[Collection entries]
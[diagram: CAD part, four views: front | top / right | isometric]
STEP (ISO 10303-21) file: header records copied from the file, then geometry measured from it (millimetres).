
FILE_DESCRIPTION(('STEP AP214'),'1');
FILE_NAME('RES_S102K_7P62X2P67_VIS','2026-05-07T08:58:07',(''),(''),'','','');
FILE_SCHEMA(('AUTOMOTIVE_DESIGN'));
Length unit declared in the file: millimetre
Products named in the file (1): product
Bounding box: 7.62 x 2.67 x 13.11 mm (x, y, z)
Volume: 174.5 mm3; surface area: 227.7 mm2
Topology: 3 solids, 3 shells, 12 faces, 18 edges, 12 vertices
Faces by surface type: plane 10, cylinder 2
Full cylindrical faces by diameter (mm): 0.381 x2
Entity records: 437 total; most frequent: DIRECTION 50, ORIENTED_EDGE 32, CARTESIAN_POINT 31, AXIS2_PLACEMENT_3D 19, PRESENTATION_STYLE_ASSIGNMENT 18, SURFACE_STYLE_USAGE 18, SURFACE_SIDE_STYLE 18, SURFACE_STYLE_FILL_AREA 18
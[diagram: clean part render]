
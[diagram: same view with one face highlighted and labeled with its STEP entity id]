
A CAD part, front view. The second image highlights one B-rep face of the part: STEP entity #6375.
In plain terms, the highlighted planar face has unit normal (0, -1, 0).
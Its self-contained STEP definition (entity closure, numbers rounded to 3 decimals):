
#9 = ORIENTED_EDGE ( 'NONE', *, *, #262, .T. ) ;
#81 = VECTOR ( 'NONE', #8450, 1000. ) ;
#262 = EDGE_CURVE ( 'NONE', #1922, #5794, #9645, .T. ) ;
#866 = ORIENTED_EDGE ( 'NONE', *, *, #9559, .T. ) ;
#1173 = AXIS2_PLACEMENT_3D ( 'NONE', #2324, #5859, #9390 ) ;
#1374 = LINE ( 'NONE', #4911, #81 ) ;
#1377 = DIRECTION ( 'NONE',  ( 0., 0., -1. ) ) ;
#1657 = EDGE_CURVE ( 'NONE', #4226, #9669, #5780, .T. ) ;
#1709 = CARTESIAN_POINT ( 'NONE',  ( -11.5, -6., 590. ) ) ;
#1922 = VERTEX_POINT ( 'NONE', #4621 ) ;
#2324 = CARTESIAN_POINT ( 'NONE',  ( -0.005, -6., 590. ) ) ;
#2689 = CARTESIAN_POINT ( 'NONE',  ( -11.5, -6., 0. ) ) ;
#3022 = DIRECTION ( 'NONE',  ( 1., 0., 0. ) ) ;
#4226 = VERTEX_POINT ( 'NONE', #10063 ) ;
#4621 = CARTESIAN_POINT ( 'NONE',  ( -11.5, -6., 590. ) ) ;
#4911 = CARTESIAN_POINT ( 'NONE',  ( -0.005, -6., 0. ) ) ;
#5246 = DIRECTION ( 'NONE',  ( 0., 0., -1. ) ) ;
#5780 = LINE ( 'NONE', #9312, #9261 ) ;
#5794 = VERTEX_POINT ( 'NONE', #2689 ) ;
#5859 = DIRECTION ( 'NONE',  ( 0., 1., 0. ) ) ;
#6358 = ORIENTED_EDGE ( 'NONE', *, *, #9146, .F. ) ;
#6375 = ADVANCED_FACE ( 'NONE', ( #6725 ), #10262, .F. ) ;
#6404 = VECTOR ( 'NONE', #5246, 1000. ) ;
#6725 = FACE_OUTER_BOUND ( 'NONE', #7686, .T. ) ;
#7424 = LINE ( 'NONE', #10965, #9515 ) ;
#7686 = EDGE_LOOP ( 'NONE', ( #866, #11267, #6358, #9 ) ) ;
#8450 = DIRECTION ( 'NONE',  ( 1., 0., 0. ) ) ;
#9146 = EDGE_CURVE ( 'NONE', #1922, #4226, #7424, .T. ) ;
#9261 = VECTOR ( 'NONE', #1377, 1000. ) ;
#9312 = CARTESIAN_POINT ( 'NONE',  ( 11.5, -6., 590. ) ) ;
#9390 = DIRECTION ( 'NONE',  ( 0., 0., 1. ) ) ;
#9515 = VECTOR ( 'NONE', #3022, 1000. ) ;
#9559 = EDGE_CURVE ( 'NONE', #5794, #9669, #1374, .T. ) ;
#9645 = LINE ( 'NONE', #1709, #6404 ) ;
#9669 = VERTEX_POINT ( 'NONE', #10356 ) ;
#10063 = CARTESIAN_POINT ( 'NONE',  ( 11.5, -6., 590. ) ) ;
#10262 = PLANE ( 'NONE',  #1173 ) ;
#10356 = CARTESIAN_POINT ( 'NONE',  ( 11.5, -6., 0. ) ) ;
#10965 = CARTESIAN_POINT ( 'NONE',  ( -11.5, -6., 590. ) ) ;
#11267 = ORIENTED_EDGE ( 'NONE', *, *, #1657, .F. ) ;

**What to do**
Taking the entries above, write out exactly the lines starting with the line containing "Length unit declared in the file: millimetre" and going on through the line containing "[diagram: same view", both included, and nothing else.

**Task answer**
Length unit declared in the file: millimetre
Products named in the file (1): product
Bounding box: 7.62 x 2.67 x 13.11 mm (x, y, z)
Volume: 174.5 mm3; surface area: 227.7 mm2
Topology: 3 solids, 3 shells, 12 faces, 18 edges, 12 vertices
Faces by surface type: plane 10, cylinder 2
Full cylindrical faces by diameter (mm): 0.381 x2
Entity records: 437 total; most frequent: DIRECTION 50, ORIENTED_EDGE 32, CARTESIAN_POINT 31, AXIS2_PLACEMENT_3D 19, PRESENTATION_STYLE_ASSIGNMENT 18, SURFACE_STYLE_USAGE 18, SURFACE_SIDE_STYLE 18, SURFACE_STYLE_FILL_AREA 18
[diagram: clean part render]
[diagram: same view with one face highlighted and labeled with its STEP entity id]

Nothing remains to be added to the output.